The French revenge was total. The shattered German troops were pushed back to the lines from where they had moved out in February. The Kaiser’s demoralized troops threw down their arms. The French rounded up 11,000 prisoners. From that point on, the Supreme Army Command committed nearly all its reserves on the Western Front to the Somme sector.
The Battle of Verdun had been an unremitting fight from February 21, 1916, to December 18, 1916. Verdun had changed the course of the war, but not in the way Falkenhayn had predicted. It proved to be a costly defeat for Germany, and an even more costly victory for France. Falkenhayn’s pledge that only two Germans would die for every five Frenchmen turned out to be nothing more than an empty boast.

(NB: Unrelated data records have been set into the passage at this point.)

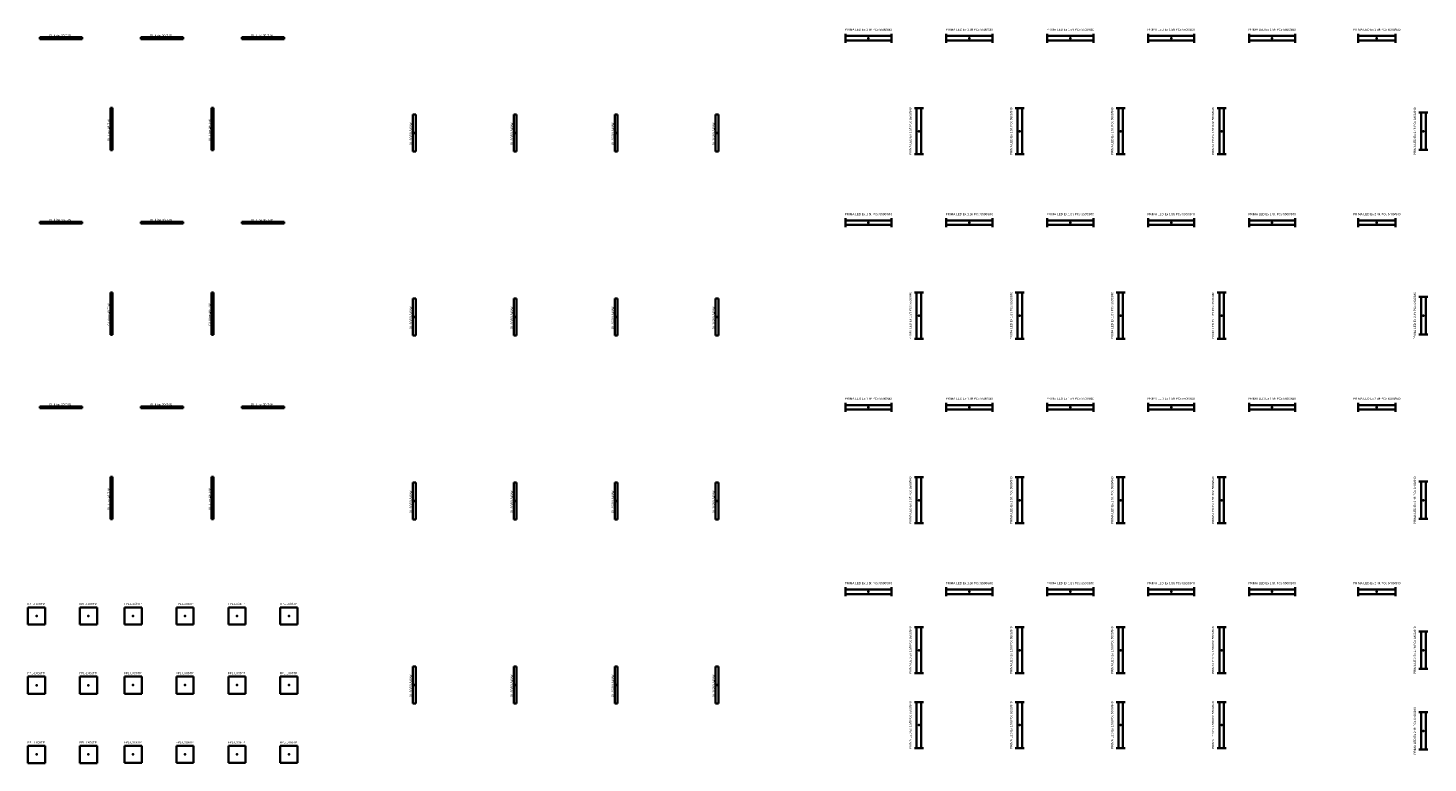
# Model space of a CAD drawing. Header units: millimetres. Extents: x 890656 to 1318430, y -176164 to -124367.
# Tile 3 of 10: x 940418 to 988971, y -176164 to -150671. Entities that reach past the tile are written whole.
import ezdxf
from ezdxf.enums import TextEntityAlignment as Align

# ---------------------------------------------------------------- set-up
doc = ezdxf.new("R2010")
doc.units = ezdxf.units.MM
for name, color, linetype, lineweight in [('BuildingDesign - Svítidla', 150, 'Continuous', 35), ('QL popis', 150, 'Continuous', 35), ('QL svítidla', 150, 'Continuous', 35)]:
    doc.layers.add(name, color=color, linetype=linetype, lineweight=lineweight)
doc.styles.get("Standard").update_dxf_attribs({"font": 'arial.ttf'})

# ---------------------------------------------------------------- blocks, each defined once
blk = doc.blocks.new('ELJL2')
at = {"layer": 'QL svítidla', "linetype": 'Continuous'}
for p, q in [((-6.5, -1.56), (-6.5, 1.56)), ((-6.5, 0.78), (6.5, 0.78)), ((6.5, 1.56), (6.5, -1.56)), ((-6.5, -0.78), (6.5, -0.78))]:
    blk.add_line(p, q, dxfattribs=at)
at = {"layer": 'QL svítidla'}
blk.add_point((0, 0), dxfattribs=at)
at = {"layer": 'QL popis', "flags": 8}
blk.add_attdef('POPIS', text='', height=1, dxfattribs=at).set_placement((0, 3), align=Align.MIDDLE)
at = {"layer": 'QL popis', "linetype": 'Continuous', "flags": 1}
blk.add_attdef('SVITIDLO', (0, 0), '', height=2, dxfattribs=at)
blk = doc.blocks.new('ELJL22')
at = {"layer": 'QL svítidla', "linetype": 'Continuous'}
for p, q in [((-8, -1.56), (-8, 1.56)), ((-8, 0.78), (8, 0.78)), ((8, 1.56), (8, -1.56)), ((-8, -0.78), (8, -0.78))]:
    blk.add_line(p, q, dxfattribs=at)
blk.add_point((0, 0), dxfattribs=at)
at = {"layer": 'QL popis', "flags": 8}
blk.add_attdef('POPIS', text='', height=1, dxfattribs=at).set_placement((0, 3), align=Align.MIDDLE)
at = {"layer": 'QL popis', "linetype": 'Continuous', "flags": 1}
blk.add_attdef('SVITIDLO', (0, 0), '', height=2, dxfattribs=at)
blk = doc.blocks.new('RECTANGLE')
at = {"layer": 'QL svítidla', "linetype": 'Continuous'}
for p, q in [((-5, 5), (5, 5)), ((-5, -5), (5, -5))]:
    blk.add_line(p, q, dxfattribs=at)
at = {"layer": 'QL svítidla'}
for p, q in [((-5, -5), (-5, 5)), ((5, -5), (5, 5))]:
    blk.add_line(p, q, dxfattribs=at)
blk.add_point((0, 0), dxfattribs=at)
at = {"layer": 'QL popis', "flags": 8}
blk.add_attdef('POPIS', text='', height=1, dxfattribs=at).set_placement((-0.25, 6), align=Align.BOTTOM_CENTER)
at = {"layer": 'QL popis', "linetype": 'Continuous', "flags": 1}
blk.add_attdef('SVITIDLO', (0, 0), '', height=2, dxfattribs=at)

msp = doc.modelspace()

# ---------------------------------------------------------------- block references
at = {"layer": 'BuildingDesign - Svítidla'}
ref = msp.add_blockref('RECTANGLE', (941565, -151026, 3900), dxfattribs=dict(at, xscale=147.2, yscale=6.2))
ref.add_attrib('POPIS', 'QL iLine 30-T-W', dxfattribs={"layer": 'QL popis', "height": 75, "flags": 8}).set_placement((941529, -150989, 3900), align=Align.BOTTOM_CENTER)
ref = msp.add_blockref('RECTANGLE', (945065, -151026, 3900), dxfattribs=dict(at, xscale=147.2, yscale=6.2))
ref.add_attrib('POPIS', 'QL iLine 30-T-W', dxfattribs={"layer": 'QL popis', "height": 75, "flags": 8}).set_placement((945029, -150989, 3900), align=Align.BOTTOM_CENTER)
ref = msp.add_blockref('RECTANGLE', (948565, -151026, 3900), dxfattribs=dict(at, xscale=147.2, yscale=6.2))
ref.add_attrib('POPIS', 'QL iLine 30-T-W', dxfattribs={"layer": 'QL popis', "height": 75, "flags": 8}).set_placement((948529, -150989, 3900), align=Align.BOTTOM_CENTER)
ref = msp.add_blockref('ELJL22', (969565, -151026, 3900), dxfattribs=dict(at, xscale=100, yscale=100))
ref.add_attrib('POPIS', 'PRIMA LED Ex 1.5ft PCc 5500/840', dxfattribs={"layer": 'QL popis', "height": 75, "flags": 8}).set_placement((969565, -150726, 3900), align=Align.MIDDLE)
ref = msp.add_blockref('ELJL22', (973065, -151026, 3900), dxfattribs=dict(at, xscale=100, yscale=100))
ref.add_attrib('POPIS', 'PRIMA LED Ex 1.5ft PCc 5500/840', dxfattribs={"layer": 'QL popis', "height": 75, "flags": 8}).set_placement((973065, -150726, 3900), align=Align.MIDDLE)
ref = msp.add_blockref('ELJL22', (976565, -151026, 3900), dxfattribs=dict(at, xscale=100, yscale=100))
ref.add_attrib('POPIS', 'PRIMA LED Ex 1.5ft PCc 5500/840', dxfattribs={"layer": 'QL popis', "height": 75, "flags": 8}).set_placement((976565, -150726, 3900), align=Align.MIDDLE)
ref = msp.add_blockref('ELJL22', (980065, -151026, 3900), dxfattribs=dict(at, xscale=100, yscale=100))
ref.add_attrib('POPIS', 'PRIMA LED Ex 1.5ft PCc 5500/840', dxfattribs={"layer": 'QL popis', "height": 75, "flags": 8}).set_placement((980065, -150726, 3900), align=Align.MIDDLE)
ref = msp.add_blockref('ELJL22', (983565, -151026, 3900), dxfattribs=dict(at, xscale=100, yscale=100))
ref.add_attrib('POPIS', 'PRIMA LED Ex 1.5ft PCc 5500/840', dxfattribs={"layer": 'QL popis', "height": 75, "flags": 8}).set_placement((983565, -150726, 3900), align=Align.MIDDLE)
ref = msp.add_blockref('ELJL2', (987194, -151026, 3900), dxfattribs=dict(at, xscale=100, yscale=100))
ref.add_attrib('POPIS', 'PRIMA LED Ex 2.4ft PCc 6400/840', dxfattribs={"layer": 'QL popis', "height": 75, "flags": 8}).set_placement((987194, -150726, 3900), align=Align.MIDDLE)
ref = msp.add_blockref('RECTANGLE', (943315, -154176, 3900), dxfattribs=dict(at, xscale=147.2, yscale=6.2, rotation=89.99999999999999))
ref.add_attrib('POPIS', 'QL iLine 48-T-W', dxfattribs={"layer": 'QL popis', "height": 75, "rotation": 90, "flags": 8}).set_placement((943278, -154213, 3900), align=Align.BOTTOM_CENTER)
ref = msp.add_blockref('RECTANGLE', (946815, -154176, 3900), dxfattribs=dict(at, xscale=147.2, yscale=6.2, rotation=89.99999999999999))
ref.add_attrib('POPIS', 'QL iLine 48-T-W', dxfattribs={"layer": 'QL popis', "height": 75, "rotation": 90, "flags": 8}).set_placement((946778, -154213, 3900), align=Align.BOTTOM_CENTER)
ref = msp.add_blockref('RECTANGLE', (953815, -154314, 3900), dxfattribs=dict(at, xscale=128, yscale=10, rotation=89.99999999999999))
ref.add_attrib('POPIS', 'QL 2G30L840/W', dxfattribs={"layer": 'QL popis', "height": 75, "rotation": 90, "flags": 8}).set_placement((953755, -154346, 3900), align=Align.BOTTOM_CENTER)
ref = msp.add_blockref('RECTANGLE', (957315, -154314, 3900), dxfattribs=dict(at, xscale=128, yscale=10, rotation=89.99999999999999))
ref.add_attrib('POPIS', 'QL 2G30L840/W', dxfattribs={"layer": 'QL popis', "height": 75, "rotation": 90, "flags": 8}).set_placement((957255, -154346, 3900), align=Align.BOTTOM_CENTER)
ref = msp.add_blockref('RECTANGLE', (960815, -154314, 3900), dxfattribs=dict(at, xscale=128, yscale=10, rotation=89.99999999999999))
ref.add_attrib('POPIS', 'QL 2G30L840/W', dxfattribs={"layer": 'QL popis', "height": 75, "rotation": 90, "flags": 8}).set_placement((960755, -154346, 3900), align=Align.BOTTOM_CENTER)
ref = msp.add_blockref('RECTANGLE', (964315, -154314, 3900), dxfattribs=dict(at, xscale=128, yscale=10, rotation=89.99999999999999))
ref.add_attrib('POPIS', 'QL 2G30L840/W', dxfattribs={"layer": 'QL popis', "height": 75, "rotation": 90, "flags": 8}).set_placement((964255, -154346, 3900), align=Align.BOTTOM_CENTER)
ref = msp.add_blockref('ELJL22', (971315, -154251, 3900), dxfattribs=dict(at, xscale=100, yscale=100, rotation=89.99999999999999))
ref.add_attrib('POPIS', 'PRIMA LED Ex 1.5ft PCc 5500/840', dxfattribs={"layer": 'QL popis', "height": 75, "rotation": 90, "flags": 8}).set_placement((971015, -154251, 3900), align=Align.MIDDLE)
ref = msp.add_blockref('ELJL22', (974815, -154251, 3900), dxfattribs=dict(at, xscale=100, yscale=100, rotation=89.99999999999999))
ref.add_attrib('POPIS', 'PRIMA LED Ex 1.5ft PCc 5500/840', dxfattribs={"layer": 'QL popis', "height": 75, "rotation": 90, "flags": 8}).set_placement((974515, -154251, 3900), align=Align.MIDDLE)
ref = msp.add_blockref('ELJL22', (978315, -154251, 3900), dxfattribs=dict(at, xscale=100, yscale=100, rotation=89.99999999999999))
ref.add_attrib('POPIS', 'PRIMA LED Ex 1.5ft PCc 5500/840', dxfattribs={"layer": 'QL popis', "height": 75, "rotation": 90, "flags": 8}).set_placement((978015, -154251, 3900), align=Align.MIDDLE)
ref = msp.add_blockref('ELJL22', (981815, -154251, 3900), dxfattribs=dict(at, xscale=100, yscale=100, rotation=89.99999999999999))
ref.add_attrib('POPIS', 'PRIMA LED Ex 1.5ft PCc 5500/840', dxfattribs={"layer": 'QL popis', "height": 75, "rotation": 90, "flags": 8}).set_placement((981515, -154251, 3900), align=Align.MIDDLE)
ref = msp.add_blockref('ELJL2', (988815, -154251, 3900), dxfattribs=dict(at, xscale=100, yscale=100, rotation=89.99999999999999))
ref.add_attrib('POPIS', 'PRIMA LED Ex 2.4ft PCc 6400/840', dxfattribs={"layer": 'QL popis', "height": 75, "rotation": 90, "flags": 8}).set_placement((988515, -154251, 3900), align=Align.MIDDLE)
ref = msp.add_blockref('RECTANGLE', (941565, -157426, 3900), dxfattribs=dict(at, xscale=147.2, yscale=6.2))
ref.add_attrib('POPIS', 'QL iLine 30-T-W', dxfattribs={"layer": 'QL popis', "height": 75, "flags": 8}).set_placement((941529, -157389, 3900), align=Align.BOTTOM_CENTER)
ref = msp.add_blockref('RECTANGLE', (945065, -157426, 3900), dxfattribs=dict(at, xscale=147.2, yscale=6.2))
ref.add_attrib('POPIS', 'QL iLine 30-T-W', dxfattribs={"layer": 'QL popis', "height": 75, "flags": 8}).set_placement((945029, -157389, 3900), align=Align.BOTTOM_CENTER)
ref = msp.add_blockref('RECTANGLE', (948565, -157426, 3900), dxfattribs=dict(at, xscale=147.2, yscale=6.2))
ref.add_attrib('POPIS', 'QL iLine 30-T-W', dxfattribs={"layer": 'QL popis', "height": 75, "flags": 8}).set_placement((948529, -157389, 3900), align=Align.BOTTOM_CENTER)
ref = msp.add_blockref('ELJL22', (969565, -157426, 3900), dxfattribs=dict(at, xscale=100, yscale=100))
ref.add_attrib('POPIS', 'PRIMA LED Ex 1.5ft PCc 5500/840', dxfattribs={"layer": 'QL popis', "height": 75, "flags": 8}).set_placement((969565, -157126, 3900), align=Align.MIDDLE)
ref = msp.add_blockref('ELJL22', (973065, -157426, 3900), dxfattribs=dict(at, xscale=100, yscale=100))
ref.add_attrib('POPIS', 'PRIMA LED Ex 1.5ft PCc 5500/840', dxfattribs={"layer": 'QL popis', "height": 75, "flags": 8}).set_placement((973065, -157126, 3900), align=Align.MIDDLE)
ref = msp.add_blockref('ELJL22', (976565, -157426, 3900), dxfattribs=dict(at, xscale=100, yscale=100))
ref.add_attrib('POPIS', 'PRIMA LED Ex 1.5ft PCc 5500/840', dxfattribs={"layer": 'QL popis', "height": 75, "flags": 8}).set_placement((976565, -157126, 3900), align=Align.MIDDLE)
ref = msp.add_blockref('ELJL22', (980065, -157426, 3900), dxfattribs=dict(at, xscale=100, yscale=100))
ref.add_attrib('POPIS', 'PRIMA LED Ex 1.5ft PCc 5500/840', dxfattribs={"layer": 'QL popis', "height": 75, "flags": 8}).set_placement((980065, -157126, 3900), align=Align.MIDDLE)
ref = msp.add_blockref('ELJL22', (983565, -157426, 3900), dxfattribs=dict(at, xscale=100, yscale=100))
ref.add_attrib('POPIS', 'PRIMA LED Ex 1.5ft PCc 5500/840', dxfattribs={"layer": 'QL popis', "height": 75, "flags": 8}).set_placement((983565, -157126, 3900), align=Align.MIDDLE)
ref = msp.add_blockref('ELJL2', (987194, -157426, 3900), dxfattribs=dict(at, xscale=100, yscale=100))
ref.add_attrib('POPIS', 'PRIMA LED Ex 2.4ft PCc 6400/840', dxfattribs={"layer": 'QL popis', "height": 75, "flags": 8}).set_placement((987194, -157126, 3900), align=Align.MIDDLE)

As events turned out, the ratio was closer to four to five.
When the battle drew to a close, more than one million men had died or been maimed in the great battle. To this day only 290,000 bodies have been recovered, with less than two-thirds identified. More than 700,000 dead soldiers are unaccounted for at Verdun.
The outcome of the Battle of Verdun stands as a metaphor for the stagnant trench warfare of World War I. By the time the terrible battle drew to a close in mid-December, the French had returned roughly to their position before the battle began. Little had been gained by either side, and so much lost.